What do you conformation experts think? *I realize these are not good quality confo pics, but I'm really only looking for opinions on her hind end.*

She appears to have long hip - usually favoured in sport horses. But is it also the reason her hindquarters do not seem appropriately muscled? I really struggle with building muscle in this area. Most Saddlebreds and Arabs tend to have a flatter croup and shorter hip but she does not.

She also has a really strong, sloping shoulder. A Saddlebred trait. It may help compensate as well...?

I am so confused. I feel like my horse should not be able to do half the stuff she does, as well as she does. I want to start eventing within the next year, and have doubts as to whether she can handle it just looking at her... But I've always had doubts and she has always proven me wrong.


----------



## Whimsy12 (Jun 9, 2015)

It depends on what you mean by 'good hindquarters'. They are not, obviously, as muscled as a TB or a QH, but they're nice for her breed.
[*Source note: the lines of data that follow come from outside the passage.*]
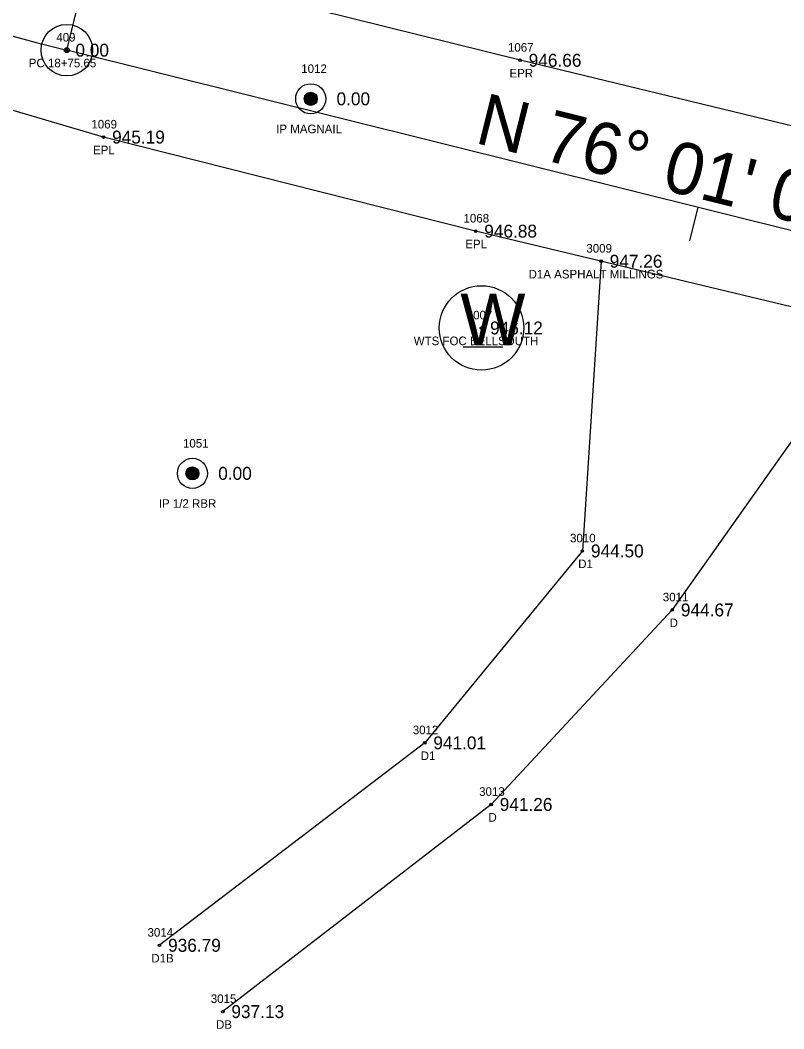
# Model space of a CAD drawing. Extents: x 1528109 to 1531398, y 1157799 to 1162548.
# Drawn here: x 1530236 to 1530324.8, y 1159054.3 to 1159171.6 of the extents above; entities that cross this region are included whole.
import ezdxf

# ---------------------------------------------------------------- set-up
doc = ezdxf.new("R2010")
doc.units = 0
for name, color, linetype in [('RD_EX_Driveway', 7, 'Continuous'), ('RD_EX_Driveway_txCode', 7, 'Continuous'), ('RD_EX_DV_Prop_txCode', 7, 'Continuous'), ('RD_EX_DV_PropPin', 7, 'Continuous'), ('RD_EX_Road', 7, 'Continuous'), ('RD_EX_Road_txCode', 7, 'Continuous'), ('RD_EX_TX_Driveway_ELEV', 7, 'Continuous'), ('RD_EX_TX_DV_Prop_ELEV', 7, 'Continuous'), ('RD_EX_TX_Road_ELEV', 7, 'Continuous'), ('RD_EX_TX_UT_ELEV', 7, 'Continuous'), ('RD_EX_UT', 7, 'Continuous'), ('RD_EX_UT_txCode', 7, 'Continuous'), ('RD_HC_Cl', 7, 'Continuous'), ('RD_HC_Data', 7, 'Continuous'), ('RD_HC_Data_Tic', 7, 'Continuous'), ('RD_HC_Survey_ELEV', 7, 'Continuous'), ('RD_HC_txCode', 7, 'Continuous'), ('RD_SMD_Locator', 7, 'Continuous')]:
    doc.layers.add(name, color=color, linetype=linetype)

msp = doc.modelspace()

# ---------------------------------------------------------------- linework, layer by layer
at = {"layer": 'RD_EX_Driveway'}
for points in [[(1530303.55, 1159143.56), (1530301.37, 1159109.87), (1530283.04, 1159087.55), (1530252.19, 1159064.01)], [(1530335.11, 1159135.94), (1530311.83, 1159103.01), (1530290.76, 1159080.39), (1530259.55, 1159056.3)]]:
    msp.add_lwpolyline(points, dxfattribs=at)
at = {"layer": 'RD_EX_DV_PropPin'}
for p, q in [((1530269.36, 1159161.81), (1530269.36, 1159163.08)), ((1530269.39, 1159161.79), (1530269.39, 1159163.1)), ((1530269.43, 1159161.77), (1530269.43, 1159163.12)), ((1530269.46, 1159161.75), (1530269.46, 1159163.14)), ((1530269.5, 1159161.74), (1530269.5, 1159163.16)), ((1530269.53, 1159161.73), (1530269.53, 1159163.17)), ((1530269.57, 1159161.72), (1530269.57, 1159163.18)), ((1530269.6, 1159161.71), (1530269.6, 1159163.19)), ((1530269.64, 1159161.7), (1530269.64, 1159163.2)), ((1530269.67, 1159161.69), (1530269.67, 1159163.2)), ((1530269.71, 1159161.69), (1530269.71, 1159163.21)), ((1530269.74, 1159161.69), (1530269.74, 1159163.21)), ((1530269.78, 1159161.69), (1530269.78, 1159163.21)), ((1530269.81, 1159161.69), (1530269.81, 1159163.21)), ((1530269.85, 1159161.69), (1530269.85, 1159163.21)), ((1530269.88, 1159161.69), (1530269.88, 1159163.2)), ((1530269.92, 1159161.7), (1530269.92, 1159163.2)), ((1530269.95, 1159161.71), (1530269.95, 1159163.19)), ((1530269.99, 1159161.72), (1530269.99, 1159163.18)), ((1530270.02, 1159161.73), (1530270.02, 1159163.17)), ((1530270.06, 1159161.74), (1530270.06, 1159163.16)), ((1530270.09, 1159161.75), (1530270.09, 1159163.14)), ((1530270.13, 1159161.77), (1530270.13, 1159163.12)), ((1530270.16, 1159161.79), (1530270.16, 1159163.1)), ((1530270.2, 1159161.81), (1530270.2, 1159163.08)), ((1530269.04, 1159162.25), (1530269.04, 1159162.64)), ((1530269.08, 1159162.15), (1530269.08, 1159162.75)), ((1530269.11, 1159162.08), (1530269.11, 1159162.82)), ((1530269.15, 1159162.02), (1530269.15, 1159162.87)), ((1530269.18, 1159161.97), (1530269.18, 1159162.92)), ((1530269.22, 1159161.93), (1530269.22, 1159162.96)), ((1530269.25, 1159161.9), (1530269.25, 1159163)), ((1530269.29, 1159161.87), (1530269.29, 1159163.03)), ((1530269.32, 1159161.84), (1530269.32, 1159163.06)), ((1530270.23, 1159161.84), (1530270.23, 1159163.06)), ((1530270.27, 1159161.87), (1530270.27, 1159163.03)), ((1530270.3, 1159161.9), (1530270.3, 1159163)), ((1530270.34, 1159161.93), (1530270.34, 1159162.96)), ((1530270.37, 1159161.97), (1530270.37, 1159162.92)), ((1530270.41, 1159162.02), (1530270.41, 1159162.87)), ((1530270.44, 1159162.08), (1530270.44, 1159162.82)), ((1530270.48, 1159162.15), (1530270.48, 1159162.75)), ((1530270.51, 1159162.25), (1530270.51, 1159162.64)), ((1530255.29, 1159118.7), (1530255.29, 1159119.09)), ((1530255.32, 1159118.59), (1530255.32, 1159119.19)), ((1530255.36, 1159118.52), (1530255.36, 1159119.26)), ((1530255.39, 1159118.46), (1530255.39, 1159119.32)), ((1530255.43, 1159118.42), (1530255.43, 1159119.37)), ((1530255.46, 1159118.38), (1530255.46, 1159119.41)), ((1530255.5, 1159118.34), (1530255.5, 1159119.44)), ((1530255.53, 1159118.31), (1530255.53, 1159119.47)), ((1530255.57, 1159118.28), (1530255.57, 1159119.5)), ((1530255.6, 1159118.26), (1530255.6, 1159119.53)), ((1530255.64, 1159118.24), (1530255.64, 1159119.55)), ((1530255.67, 1159118.22), (1530255.67, 1159119.57)), ((1530255.71, 1159118.2), (1530255.71, 1159119.58)), ((1530255.74, 1159118.18), (1530255.74, 1159119.6)), ((1530255.78, 1159118.17), (1530255.78, 1159119.61)), ((1530255.81, 1159118.16), (1530255.81, 1159119.62)), ((1530255.85, 1159118.15), (1530255.85, 1159119.63)), ((1530255.88, 1159118.14), (1530255.88, 1159119.64)), ((1530255.92, 1159118.14), (1530255.92, 1159119.65)), ((1530255.95, 1159118.13), (1530255.95, 1159119.65)), ((1530255.99, 1159118.13), (1530255.99, 1159119.65)), ((1530256.02, 1159118.13), (1530256.02, 1159119.65)), ((1530256.06, 1159118.13), (1530256.06, 1159119.65)), ((1530256.09, 1159118.13), (1530256.09, 1159119.65)), ((1530256.13, 1159118.14), (1530256.13, 1159119.65)), ((1530256.16, 1159118.14), (1530256.16, 1159119.64)), ((1530256.2, 1159118.15), (1530256.2, 1159119.63)), ((1530256.23, 1159118.16), (1530256.23, 1159119.62)), ((1530256.27, 1159118.17), (1530256.27, 1159119.61)), ((1530256.3, 1159118.18), (1530256.3, 1159119.6)), ((1530256.34, 1159118.2), (1530256.34, 1159119.58)), ((1530256.37, 1159118.22), (1530256.37, 1159119.57)), ((1530256.41, 1159118.24), (1530256.41, 1159119.55)), ((1530256.44, 1159118.26), (1530256.44, 1159119.53)), ((1530256.48, 1159118.28), (1530256.48, 1159119.5)), ((1530256.51, 1159118.31), (1530256.51, 1159119.47)), ((1530256.55, 1159118.34), (1530256.55, 1159119.44)), ((1530256.58, 1159118.38), (1530256.58, 1159119.41)), ((1530256.62, 1159118.42), (1530256.62, 1159119.37)), ((1530256.65, 1159118.46), (1530256.65, 1159119.32)), ((1530256.69, 1159118.52), (1530256.69, 1159119.26)), ((1530256.72, 1159118.59), (1530256.72, 1159119.19)), ((1530256.76, 1159118.7), (1530256.76, 1159119.09))]:
    msp.add_line(p, q, dxfattribs=at)
for centre, radius in [((1530269.78, 1159162.45), 1.75), ((1530269.78, 1159162.45), 0.761), ((1530256.02, 1159118.89), 1.75), ((1530256.02, 1159118.89), 0.761)]:
    msp.add_circle(centre, radius, dxfattribs=at)
at = {"layer": 'RD_EX_Road'}
for points in [[(1530337.52, 1159156.44), (1530294.13, 1159166.93), (1530250.93, 1159177.7), (1530204.42, 1159191.5), (1530168.45, 1159204.97), (1530120.58, 1159231.54), (1530104.56, 1159243.15), (1530086.77, 1159257.61), (1530051.98, 1159290.88), (1530019.2, 1159326.18), (1529978.15, 1159378.31), (1529959.68, 1159408.2), (1529942.81, 1159442.34), (1529934.79, 1159460.88), (1529923.22, 1159491.09), (1529910.46, 1159527.95), (1529895.99, 1159570.93), (1529881.69, 1159613.98), (1529856.28, 1159690.67), (1529839.74, 1159739.71), (1529819.57, 1159800.04), (1529788.95, 1159890.99)], [(1530332.28, 1159136.67), (1530288.96, 1159147.06), (1530245.68, 1159158), (1530197.52, 1159172.18), (1530159.1, 1159186.57), (1530108.6, 1159214.89), (1530072.67, 1159242.37), (1530037.12, 1159276.96), (1530005.21, 1159311.5), (1529961.59, 1159366.88), (1529941.79, 1159398.29), (1529924.06, 1159434.11), (1529903.77, 1159484.39), (1529891.44, 1159520.8), (1529876.79, 1159564.7), (1529862.9, 1159606.82), (1529836.94, 1159684.29), (1529820.66, 1159733.09), (1529800.02, 1159794.4), (1529769.54, 1159884.46)]]:
    msp.add_lwpolyline(points, dxfattribs=at)
at = {"layer": 'RD_EX_UT'}
msp.add_line((1530287.52, 1159133.59), (1530292.14, 1159133.59), dxfattribs=at)
msp.add_circle((1530289.64, 1159135.8), 4.91, dxfattribs=at)
at = {"layer": 'RD_HC_Cl'}
msp.add_line((1530389.88, 1159131.14), (1530241.41, 1159168.11), dxfattribs=at)
msp.add_arc((1530338.63, 1159558.58), 402.39, 222.8065, 256.0174, dxfattribs=at)
at = {"layer": 'RD_HC_Data'}
msp.add_line((1530241.41, 1159168.11), (1530269.59, 1159281.29), dxfattribs=at)
for radius in [3, 0.282]:
    msp.add_circle((1530241.41, 1159168.11), radius, dxfattribs=at)
at = {"layer": 'RD_HC_Data_Tic'}
msp.add_line((1530314.81, 1159149.83), (1530313.85, 1159145.95), dxfattribs=at)
at = {"layer": 'RD_SMD_Locator'}
for centre in [(1530241.41, 1159168.11), (1530294.13, 1159166.93), (1530269.78, 1159162.45), (1530245.68, 1159158), (1530288.96, 1159147.06), (1530303.55, 1159143.56), (1530289.64, 1159135.8), (1530256.02, 1159118.89), (1530301.37, 1159109.87), (1530311.83, 1159103.01), (1530283.04, 1159087.55), (1530290.76, 1159080.39), (1530252.19, 1159064.01), (1530259.55, 1159056.3)]:
    msp.add_circle(centre, 0.15, dxfattribs=at)

# ---------------------------------------------------------------- texts
at = {"layer": 'RD_EX_Driveway_txCode'}
for s, p in [('3009', (1530301.84, 1159144.56)), ('D1A ASPHALT MILLINGS', (1530295.12, 1159141.56)), ('3010', (1530299.94, 1159110.87)), ('D1', (1530300.89, 1159107.87)), ('3011', (1530310.73, 1159104.01)), ('D', (1530311.52, 1159101.01)), ('3012', (1530281.65, 1159088.55)), ('D1', (1530282.57, 1159085.55)), ('3013', (1530289.37, 1159081.39)), ('D', (1530290.45, 1159078.39)), ('3014', (1530250.8, 1159065.01)), ('D1B', (1530251.24, 1159062.01)), ('3015', (1530258.16, 1159057.3)), ('DB', (1530258.77, 1159054.3))]:
    msp.add_text(s, height=1, dxfattribs=at).set_placement(p)
at = {"layer": 'RD_EX_DV_Prop_txCode'}
for s, p in [('1012', (1530268.68, 1159165.45)), ('IP MAGNAIL', (1530265.76, 1159158.45)), ('1051', (1530254.92, 1159121.89)), ('IP 1/2 RBR', (1530252.11, 1159114.89))]:
    msp.add_text(s, height=1, dxfattribs=at).set_placement(p)
at = {"layer": 'RD_EX_Road_txCode'}
for s, p in [('1067', (1530292.72, 1159167.93)), ('EPR', (1530292.9, 1159164.93)), ('1069', (1530244.27, 1159159)), ('EPL', (1530244.47, 1159156)), ('1068', (1530287.55, 1159148.06)), ('EPL', (1530287.76, 1159145.06))]:
    msp.add_text(s, height=1, dxfattribs=at).set_placement(p)
at = {"layer": 'RD_EX_TX_Driveway_ELEV'}
for s, p in [('947.26', (1530304.55, 1159142.81)), ('944.50', (1530302.37, 1159109.12)), ('944.67', (1530312.83, 1159102.26)), ('941.01', (1530284.04, 1159086.8)), ('941.26', (1530291.76, 1159079.64)), ('936.79', (1530253.19, 1159063.26)), ('937.13', (1530260.55, 1159055.55))]:
    msp.add_text(s, height=1.5, dxfattribs=at).set_placement(p)
at = {"layer": 'RD_EX_TX_DV_Prop_ELEV'}
for p in [(1530272.78, 1159161.7), (1530259.02, 1159118.14)]:
    msp.add_text('0.00', height=1.5, dxfattribs=at).set_placement(p)
at = {"layer": 'RD_EX_TX_Road_ELEV'}
for s, p in [('946.66', (1530295.13, 1159166.18)), ('945.19', (1530246.68, 1159157.25)), ('946.88', (1530289.96, 1159146.31))]:
    msp.add_text(s, height=1.5, dxfattribs=at).set_placement(p)
at = {"layer": 'RD_EX_TX_UT_ELEV'}
msp.add_text('946.12', height=1.5, dxfattribs=at).set_placement((1530290.64, 1159135.05))
at = {"layer": 'RD_EX_UT'}
msp.add_text('W', height=6, dxfattribs=at).set_placement((1530287.18, 1159133.79))
at = {"layer": 'RD_EX_UT_txCode'}
for s, p in [('3007', (1530287.93, 1159136.8)), ('WTS FOC BELLSOUTH', (1530281.76, 1159133.8))]:
    msp.add_text(s, height=1, dxfattribs=at).set_placement(p)
at = {"layer": 'RD_HC_Data'}
msp.add_text('N 76%%d 01\' 03" W', height=6, rotation=346.0174, dxfattribs=at).set_placement((1530288.72, 1159157.36))
at = {"layer": 'RD_HC_Survey_ELEV'}
msp.add_text('0.00', height=1.5, dxfattribs=at).set_placement((1530242.41, 1159167.36))
at = {"layer": 'RD_HC_txCode'}
for s, p in [('409', (1530240.19, 1159169.11)), ('PC 18+75.65', (1530236.99, 1159166.11))]:
    msp.add_text(s, height=1, dxfattribs=at).set_placement(p)

doc.saveas('drawing.dxf')

Hills will build and strengthen those hindquarters. My TWH was a little thin and weak in the hindquarters. I did hills and gaiting, freely and collected, and they are much better. You would never known.


----------



## Elana (Jan 28, 2011)

Very nice horse. Hills and backing her. Yes. On a lead. Backward walking will build rear end muscles.


----------



## BreezylBeezyl (Mar 25, 2014)

What if you live in the prairies of Alberta and have no hills? Legitimate question!


----------



## Elana (Jan 28, 2011)

Walking in reverse. Backing up.. will build rear end.


----------



## HombresArablegacy (Oct 12, 2013)

She's very nice looking! And she has heart, a lot of heart that comes from her Arabian side. Don't discount her abilities, as it sounds like she does everything you ask of her. Just keep conditioning her and challenging her mind so she doesn't get bored.
_Posted via Mobile Device_


----------



## phantomhorse13 (Feb 18, 2011)

I think you need to stop expecting her hindquarters (or really, any part of her) to look like a stock horse's. No matter what you do or how much you work her (hills or otherwise), you are not going to change her muscle type.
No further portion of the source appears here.